### TASK INSTRUCTIONS:
Type out the lines below exactly, from the first through the line holding "IFC2X3 demands one", and include no pictures.

= Beginning of Section =

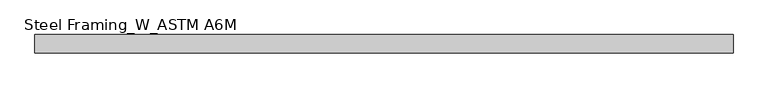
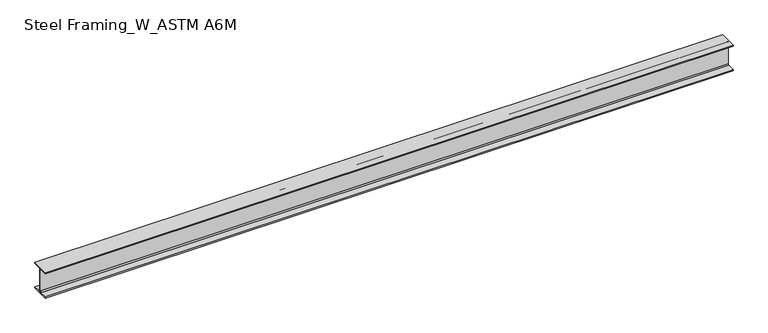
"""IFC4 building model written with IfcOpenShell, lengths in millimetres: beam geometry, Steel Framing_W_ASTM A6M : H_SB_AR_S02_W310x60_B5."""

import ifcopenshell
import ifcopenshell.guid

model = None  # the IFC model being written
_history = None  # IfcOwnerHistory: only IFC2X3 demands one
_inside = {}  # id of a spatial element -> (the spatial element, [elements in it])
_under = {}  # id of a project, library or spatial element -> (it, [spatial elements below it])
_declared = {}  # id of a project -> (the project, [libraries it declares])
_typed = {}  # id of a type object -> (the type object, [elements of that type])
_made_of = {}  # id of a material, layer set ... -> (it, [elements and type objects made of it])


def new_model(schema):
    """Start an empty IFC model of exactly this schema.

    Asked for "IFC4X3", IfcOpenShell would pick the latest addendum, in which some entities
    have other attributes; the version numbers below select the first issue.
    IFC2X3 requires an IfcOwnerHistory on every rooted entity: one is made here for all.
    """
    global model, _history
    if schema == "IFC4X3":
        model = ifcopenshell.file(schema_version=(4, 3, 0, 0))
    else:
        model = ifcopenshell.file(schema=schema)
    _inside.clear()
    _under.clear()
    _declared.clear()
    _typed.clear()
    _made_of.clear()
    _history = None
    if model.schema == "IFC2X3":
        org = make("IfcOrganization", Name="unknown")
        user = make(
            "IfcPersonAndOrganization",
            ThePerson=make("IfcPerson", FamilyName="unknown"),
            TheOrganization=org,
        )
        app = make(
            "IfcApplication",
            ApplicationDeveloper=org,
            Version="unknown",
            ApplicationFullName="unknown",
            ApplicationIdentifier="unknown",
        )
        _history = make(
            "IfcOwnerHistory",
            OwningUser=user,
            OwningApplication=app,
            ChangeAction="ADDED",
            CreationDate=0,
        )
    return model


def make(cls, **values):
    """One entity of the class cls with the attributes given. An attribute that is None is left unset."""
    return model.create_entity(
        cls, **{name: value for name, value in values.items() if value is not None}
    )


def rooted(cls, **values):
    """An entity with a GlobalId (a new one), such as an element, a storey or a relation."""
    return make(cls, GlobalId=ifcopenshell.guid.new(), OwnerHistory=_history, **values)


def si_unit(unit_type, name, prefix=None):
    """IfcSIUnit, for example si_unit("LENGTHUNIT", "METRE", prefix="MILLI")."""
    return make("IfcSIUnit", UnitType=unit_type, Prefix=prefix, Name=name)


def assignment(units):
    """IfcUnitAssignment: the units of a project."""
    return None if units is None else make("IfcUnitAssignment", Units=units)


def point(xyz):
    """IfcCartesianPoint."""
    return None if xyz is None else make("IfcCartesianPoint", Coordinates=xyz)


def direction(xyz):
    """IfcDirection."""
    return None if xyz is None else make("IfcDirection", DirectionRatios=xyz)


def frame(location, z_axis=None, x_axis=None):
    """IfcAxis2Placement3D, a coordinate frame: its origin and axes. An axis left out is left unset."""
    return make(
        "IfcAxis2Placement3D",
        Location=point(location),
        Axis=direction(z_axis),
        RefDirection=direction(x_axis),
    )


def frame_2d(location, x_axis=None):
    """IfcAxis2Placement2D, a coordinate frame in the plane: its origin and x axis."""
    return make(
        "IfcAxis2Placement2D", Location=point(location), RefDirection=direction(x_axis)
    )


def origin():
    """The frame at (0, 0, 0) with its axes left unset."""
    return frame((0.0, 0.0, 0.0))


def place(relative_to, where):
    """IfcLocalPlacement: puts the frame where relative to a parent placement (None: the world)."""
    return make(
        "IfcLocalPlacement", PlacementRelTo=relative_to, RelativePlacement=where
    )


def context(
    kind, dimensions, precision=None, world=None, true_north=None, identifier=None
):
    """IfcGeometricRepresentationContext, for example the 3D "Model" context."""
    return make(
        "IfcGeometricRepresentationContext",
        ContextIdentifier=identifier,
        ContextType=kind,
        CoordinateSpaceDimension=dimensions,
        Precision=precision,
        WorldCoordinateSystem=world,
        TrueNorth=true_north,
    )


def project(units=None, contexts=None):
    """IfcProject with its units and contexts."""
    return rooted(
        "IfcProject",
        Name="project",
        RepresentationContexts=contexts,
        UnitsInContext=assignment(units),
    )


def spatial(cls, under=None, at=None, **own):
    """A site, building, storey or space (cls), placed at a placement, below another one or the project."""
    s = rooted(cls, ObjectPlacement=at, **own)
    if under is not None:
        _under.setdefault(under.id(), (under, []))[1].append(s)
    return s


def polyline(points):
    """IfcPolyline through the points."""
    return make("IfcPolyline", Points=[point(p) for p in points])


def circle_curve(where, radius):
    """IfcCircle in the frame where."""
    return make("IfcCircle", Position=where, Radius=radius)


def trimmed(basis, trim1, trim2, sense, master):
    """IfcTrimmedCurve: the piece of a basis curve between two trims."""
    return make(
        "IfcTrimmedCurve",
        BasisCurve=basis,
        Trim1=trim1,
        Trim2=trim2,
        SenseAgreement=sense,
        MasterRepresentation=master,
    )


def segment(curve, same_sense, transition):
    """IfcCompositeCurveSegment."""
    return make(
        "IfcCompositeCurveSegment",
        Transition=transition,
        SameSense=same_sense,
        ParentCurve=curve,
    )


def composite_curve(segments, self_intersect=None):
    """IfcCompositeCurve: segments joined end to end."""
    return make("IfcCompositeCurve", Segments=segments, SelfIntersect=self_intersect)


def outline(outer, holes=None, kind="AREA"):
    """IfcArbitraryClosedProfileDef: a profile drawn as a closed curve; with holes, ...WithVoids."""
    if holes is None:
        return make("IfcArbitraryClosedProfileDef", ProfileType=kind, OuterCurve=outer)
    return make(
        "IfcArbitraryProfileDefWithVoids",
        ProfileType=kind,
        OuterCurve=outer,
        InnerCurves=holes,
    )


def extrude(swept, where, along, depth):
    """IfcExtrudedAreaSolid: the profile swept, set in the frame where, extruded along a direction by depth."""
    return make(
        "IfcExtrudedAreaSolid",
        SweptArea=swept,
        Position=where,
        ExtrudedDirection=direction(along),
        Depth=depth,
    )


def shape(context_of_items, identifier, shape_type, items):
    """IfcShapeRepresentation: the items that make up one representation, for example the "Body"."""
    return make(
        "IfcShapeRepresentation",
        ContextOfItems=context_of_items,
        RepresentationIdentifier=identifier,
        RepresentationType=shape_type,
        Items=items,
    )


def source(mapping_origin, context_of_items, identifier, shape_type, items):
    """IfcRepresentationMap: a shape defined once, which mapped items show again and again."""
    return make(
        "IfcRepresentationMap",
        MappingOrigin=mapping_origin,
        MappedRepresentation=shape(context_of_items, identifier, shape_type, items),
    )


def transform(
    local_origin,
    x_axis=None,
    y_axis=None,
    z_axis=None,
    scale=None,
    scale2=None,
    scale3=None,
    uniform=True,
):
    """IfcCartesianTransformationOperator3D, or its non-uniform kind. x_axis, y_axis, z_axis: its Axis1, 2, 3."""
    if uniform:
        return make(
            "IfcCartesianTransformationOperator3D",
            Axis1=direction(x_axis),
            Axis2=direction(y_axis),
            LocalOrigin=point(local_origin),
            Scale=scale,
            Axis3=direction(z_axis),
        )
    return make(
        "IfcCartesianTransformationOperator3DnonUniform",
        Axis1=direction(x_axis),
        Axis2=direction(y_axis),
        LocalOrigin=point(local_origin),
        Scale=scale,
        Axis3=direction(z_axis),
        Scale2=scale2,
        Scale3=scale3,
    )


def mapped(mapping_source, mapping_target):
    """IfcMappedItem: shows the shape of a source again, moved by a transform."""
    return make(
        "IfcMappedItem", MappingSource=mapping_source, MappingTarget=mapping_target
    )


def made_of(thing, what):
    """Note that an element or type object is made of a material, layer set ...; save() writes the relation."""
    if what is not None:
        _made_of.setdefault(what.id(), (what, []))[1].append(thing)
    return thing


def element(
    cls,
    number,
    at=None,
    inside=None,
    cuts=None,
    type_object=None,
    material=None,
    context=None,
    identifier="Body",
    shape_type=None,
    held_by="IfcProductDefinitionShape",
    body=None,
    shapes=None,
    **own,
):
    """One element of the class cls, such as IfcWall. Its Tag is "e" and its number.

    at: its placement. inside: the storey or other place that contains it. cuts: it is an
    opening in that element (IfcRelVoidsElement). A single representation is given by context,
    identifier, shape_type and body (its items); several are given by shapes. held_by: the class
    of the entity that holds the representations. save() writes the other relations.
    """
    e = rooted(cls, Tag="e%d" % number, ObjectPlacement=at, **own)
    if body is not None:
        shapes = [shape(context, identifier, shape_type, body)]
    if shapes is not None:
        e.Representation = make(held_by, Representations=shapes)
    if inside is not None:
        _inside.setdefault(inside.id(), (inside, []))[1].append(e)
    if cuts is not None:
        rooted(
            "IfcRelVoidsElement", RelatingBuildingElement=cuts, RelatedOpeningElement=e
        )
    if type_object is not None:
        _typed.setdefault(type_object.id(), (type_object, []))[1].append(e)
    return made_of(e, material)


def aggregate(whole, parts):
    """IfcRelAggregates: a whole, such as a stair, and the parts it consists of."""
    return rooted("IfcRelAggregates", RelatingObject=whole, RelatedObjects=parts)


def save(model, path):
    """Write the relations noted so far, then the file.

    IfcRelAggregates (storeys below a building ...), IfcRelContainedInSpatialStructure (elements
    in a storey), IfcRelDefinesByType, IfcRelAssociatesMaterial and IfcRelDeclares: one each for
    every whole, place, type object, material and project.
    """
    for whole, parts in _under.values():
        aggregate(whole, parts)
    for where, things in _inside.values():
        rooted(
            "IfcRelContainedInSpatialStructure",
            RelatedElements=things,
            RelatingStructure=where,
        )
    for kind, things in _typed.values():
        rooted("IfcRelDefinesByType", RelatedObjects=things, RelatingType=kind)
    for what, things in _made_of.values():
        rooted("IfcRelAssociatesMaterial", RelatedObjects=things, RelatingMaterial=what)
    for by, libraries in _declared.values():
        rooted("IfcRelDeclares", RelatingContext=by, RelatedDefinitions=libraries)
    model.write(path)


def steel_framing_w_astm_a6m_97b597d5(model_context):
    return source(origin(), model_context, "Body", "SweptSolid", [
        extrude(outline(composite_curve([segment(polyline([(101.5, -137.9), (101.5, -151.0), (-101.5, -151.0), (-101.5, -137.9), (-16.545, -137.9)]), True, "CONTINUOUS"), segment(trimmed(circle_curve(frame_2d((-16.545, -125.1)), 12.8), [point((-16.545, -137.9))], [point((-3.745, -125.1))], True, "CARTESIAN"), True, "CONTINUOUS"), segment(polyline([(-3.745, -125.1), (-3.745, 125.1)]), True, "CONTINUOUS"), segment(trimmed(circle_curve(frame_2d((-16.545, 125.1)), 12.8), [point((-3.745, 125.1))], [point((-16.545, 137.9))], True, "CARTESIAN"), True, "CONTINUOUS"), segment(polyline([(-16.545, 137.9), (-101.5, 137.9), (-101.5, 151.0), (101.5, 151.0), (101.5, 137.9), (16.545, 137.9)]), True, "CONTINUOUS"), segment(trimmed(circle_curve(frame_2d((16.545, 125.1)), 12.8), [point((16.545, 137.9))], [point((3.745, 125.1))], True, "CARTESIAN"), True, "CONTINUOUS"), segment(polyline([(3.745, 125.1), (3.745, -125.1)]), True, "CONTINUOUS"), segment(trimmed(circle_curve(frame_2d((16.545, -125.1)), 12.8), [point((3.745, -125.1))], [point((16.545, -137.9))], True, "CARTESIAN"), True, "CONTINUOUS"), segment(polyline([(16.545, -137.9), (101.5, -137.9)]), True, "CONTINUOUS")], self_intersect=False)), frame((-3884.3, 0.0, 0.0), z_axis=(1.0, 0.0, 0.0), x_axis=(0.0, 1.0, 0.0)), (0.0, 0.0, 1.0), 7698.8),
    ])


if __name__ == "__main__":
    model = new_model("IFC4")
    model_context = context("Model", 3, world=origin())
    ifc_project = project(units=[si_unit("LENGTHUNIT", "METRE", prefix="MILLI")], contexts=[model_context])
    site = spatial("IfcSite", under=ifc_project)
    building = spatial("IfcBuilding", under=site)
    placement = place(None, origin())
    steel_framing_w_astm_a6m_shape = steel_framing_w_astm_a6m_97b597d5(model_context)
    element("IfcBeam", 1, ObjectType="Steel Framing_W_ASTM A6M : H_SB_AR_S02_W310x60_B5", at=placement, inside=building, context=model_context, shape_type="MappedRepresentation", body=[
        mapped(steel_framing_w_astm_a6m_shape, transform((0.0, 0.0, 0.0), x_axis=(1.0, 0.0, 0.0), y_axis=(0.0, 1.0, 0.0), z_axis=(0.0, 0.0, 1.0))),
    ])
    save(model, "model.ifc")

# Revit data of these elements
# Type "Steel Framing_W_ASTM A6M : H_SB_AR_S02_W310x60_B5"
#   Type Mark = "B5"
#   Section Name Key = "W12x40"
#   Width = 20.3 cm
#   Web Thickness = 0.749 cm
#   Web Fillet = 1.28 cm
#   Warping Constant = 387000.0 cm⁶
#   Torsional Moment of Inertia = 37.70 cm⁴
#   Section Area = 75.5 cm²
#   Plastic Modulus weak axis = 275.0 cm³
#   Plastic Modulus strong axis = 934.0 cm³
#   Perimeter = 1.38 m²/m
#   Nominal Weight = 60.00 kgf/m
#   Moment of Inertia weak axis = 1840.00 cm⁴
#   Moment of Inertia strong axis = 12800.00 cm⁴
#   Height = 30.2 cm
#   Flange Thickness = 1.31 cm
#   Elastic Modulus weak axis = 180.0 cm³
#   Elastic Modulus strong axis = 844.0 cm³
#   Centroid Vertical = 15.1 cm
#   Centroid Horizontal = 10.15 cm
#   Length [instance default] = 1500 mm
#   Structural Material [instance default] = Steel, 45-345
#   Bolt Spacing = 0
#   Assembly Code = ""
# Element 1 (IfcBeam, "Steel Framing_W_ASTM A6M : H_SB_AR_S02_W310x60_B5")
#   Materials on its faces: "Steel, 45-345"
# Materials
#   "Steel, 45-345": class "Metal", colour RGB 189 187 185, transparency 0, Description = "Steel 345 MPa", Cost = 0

= End of Section =

### TASK RESULT:
"""IFC4 building model written with IfcOpenShell, lengths in millimetres: beam geometry, Steel Framing_W_ASTM A6M : H_SB_AR_S02_W310x60_B5."""

import ifcopenshell
import ifcopenshell.guid

model = None  # the IFC model being written
_history = None  # IfcOwnerHistory: only IFC2X3 demands one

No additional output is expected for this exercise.